* _Prompt_
Your output is the line containing "#99832=CARTESIAN_POINT('Origin',(491.959,-71.679,20.));" plus all lines after it to the end of the records, reproduced exactly, with nothing else.

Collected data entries

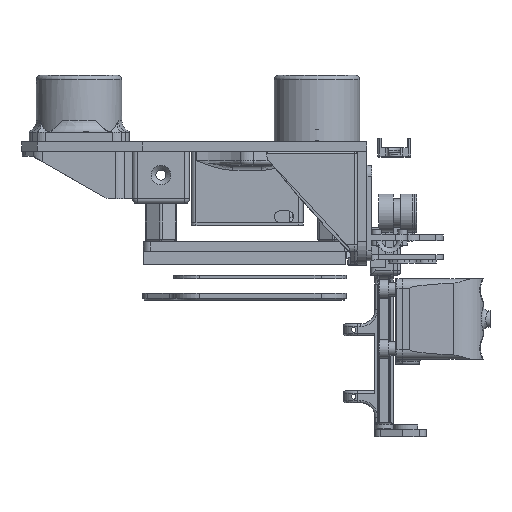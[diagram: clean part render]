
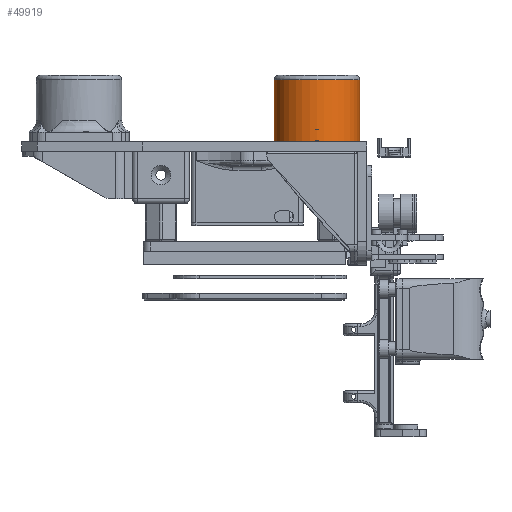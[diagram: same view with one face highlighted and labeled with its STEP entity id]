
A CAD part, front view. The second image highlights one B-rep face of the part: STEP entity #49919.
In plain terms, the highlighted cylindrical face has radius 18 mm (diameter 36 mm), a partial arc.
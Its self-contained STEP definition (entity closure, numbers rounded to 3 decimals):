
#976=CYLINDRICAL_SURFACE('',#52967,18.);
#4668=FACE_OUTER_BOUND('',#7601,.T.);
#7601=EDGE_LOOP('',(#35529,#35530,#35531,#35532));
#11030=LINE('',#99702,#15128);
#11055=LINE('',#99836,#15153);
#15128=VECTOR('',#58821,10.);
#15153=VECTOR('',#58930,10.);
#19176=CIRCLE('',#52945,18.);
#19190=CIRCLE('',#52965,18.);
#22028=VERTEX_POINT('',#99699);
#22029=VERTEX_POINT('',#99701);
#22047=VERTEX_POINT('',#99761);
#22064=VERTEX_POINT('',#99830);
#27143=EDGE_CURVE('',#22028,#22029,#11030,.T.);
#27169=EDGE_CURVE('',#22028,#22047,#19176,.T.);
#27194=EDGE_CURVE('',#22029,#22064,#19190,.T.);
#27196=EDGE_CURVE('',#22047,#22064,#11055,.T.);
#35529=ORIENTED_EDGE('',*,*,#27194,.F.);
#35530=ORIENTED_EDGE('',*,*,#27143,.F.);
#35531=ORIENTED_EDGE('',*,*,#27169,.T.);
#35532=ORIENTED_EDGE('',*,*,#27196,.T.);
#49919=ADVANCED_FACE('',(#4668),#976,.T.);
#52945=AXIS2_PLACEMENT_3D('',#99763,#58873,#58874);
#52965=AXIS2_PLACEMENT_3D('',#99832,#58923,#58924);
#52967=AXIS2_PLACEMENT_3D('',#99835,#58928,#58929);
#58821=DIRECTION('',(0.,0.,1.));
#58873=DIRECTION('center_axis',(0.,0.,1.));
#58874=DIRECTION('ref_axis',(-1.,0.,0.));
#58923=DIRECTION('center_axis',(0.,0.,1.));
#58924=DIRECTION('ref_axis',(0.,-1.,0.));
#58928=DIRECTION('center_axis',(0.,0.,1.));
#58929=DIRECTION('ref_axis',(-1.,0.,0.));
#58930=DIRECTION('',(0.,0.,1.));
#99699=CARTESIAN_POINT('',(473.959,-71.679,-6.));
#99701=CARTESIAN_POINT('',(473.959,-71.679,20.));
#99702=CARTESIAN_POINT('',(473.959,-71.679,18.));
#99761=CARTESIAN_POINT('',(509.959,-71.679,-6.));
#99763=CARTESIAN_POINT('Origin',(491.959,-71.679,-6.));
#99830=CARTESIAN_POINT('',(509.959,-71.679,20.));
#99832=CARTESIAN_POINT('Origin',(491.959,-71.679,20.));
#99835=CARTESIAN_POINT('Origin',(491.959,-71.679,18.));
#99836=CARTESIAN_POINT('',(509.959,-71.679,18.));

* _Output_
#99832=CARTESIAN_POINT('Origin',(491.959,-71.679,20.));
#99835=CARTESIAN_POINT('Origin',(491.959,-71.679,18.));
#99836=CARTESIAN_POINT('',(509.959,-71.679,18.));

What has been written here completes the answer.